Opinion
No. 2977.
March 4, 2008.
Judgment, Supreme Court, New York County (Micki A. Scherer, J., at motions; Edwin Torres, J., at suppression hearing; Charles H. Solomon, J., at plea and sentence), rendered June 21, 2005, convicting defendant of attempted murder in the second degree, and sentencing him, as a second felony offender, to a term of 12½ to 25 years, unanimously affirmed.
Richard M. Greenberg, Office of the Appellate Defender, New York (Kerry S. Jamieson of counsel), for appellant.
Robert M. Morgenthau, District Attorney, New York (Eleanor J. Ostrow of counsel), for respondent.
Before: Nardelli, J.P., Williams, Sweeny and Catterson, JJ.
The court properly denied defendant's motion to dismiss the indictment, which originally charged second-degree murder, made on the ground of preindictment delay.
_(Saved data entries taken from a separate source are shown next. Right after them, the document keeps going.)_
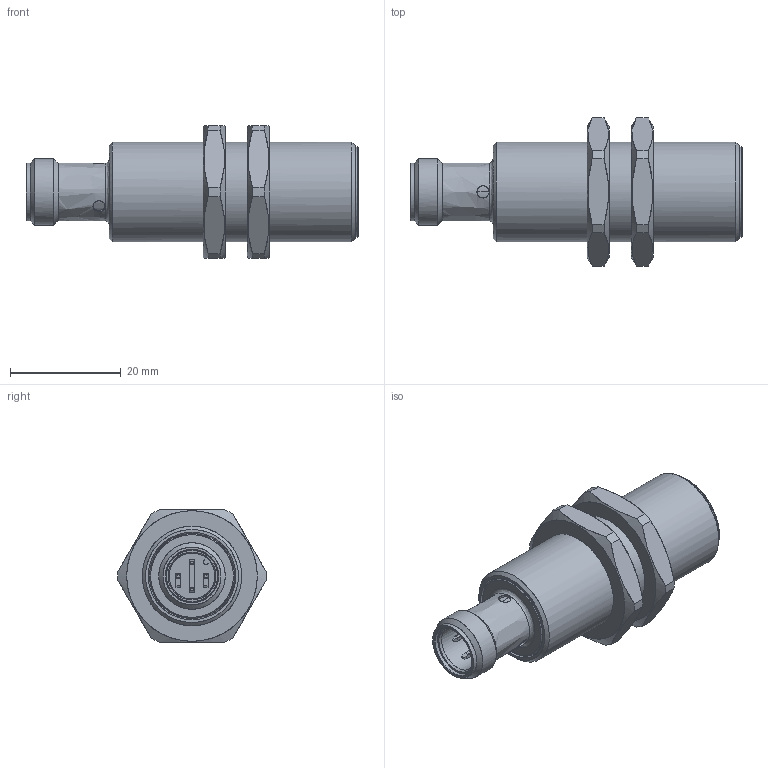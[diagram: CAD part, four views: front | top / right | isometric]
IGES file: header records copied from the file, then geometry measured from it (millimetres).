
Start section: C
Global section: file name: IFRM 18xx7M1_S14L.igs; native system:  By UGS Corp.; preprocessor: XPlus GENERIC/IGES 3.0; author: Author; organization: Title; date: 20111207.131008; units: millimetre
Bounding box: 60 x 26.8 x 24 mm (x, y, z)
Surface area: 5979.4 mm2 (no closed solid volume)
Topology: 0 solids, 0 shells, 152 faces, 856 edges, 853 vertices
Faces by surface type: bspline 152

Defendant has not established any prejudice from the 11-year delay, which was caused by the fact that the police had no witnesses or suspects, and, despite good faith efforts, did not ascertain the identity of the perpetrator until after the advent of new fingerprint comparison technology ( see United States v Lovasco, 431 US 783; People v Singer, 44 NY2d 241, 252-255; People v Taranovich, 37 NY2d 442). Defendant's arguments to the contrary, including those that improperly cite documents that are not part of the record, are without merit.
Defendant's written and oral waivers, taken together, establish a valid and enforceable waiver of the right to appeal ( see People v Ramos, 7 NY3d 737; People v Lopez, 6 NY3d 248). The court expressly informed defendant that as a condition of the plea he was agreeing to waive his right to appeal, and the court separated that right from the rights automatically forfeited by a guilty plea. This waiver forecloses review of defendant's procedural and substantive claims relating to his suppression motion, and his excessive sentence claim. In any event, we find all of these claims without merit.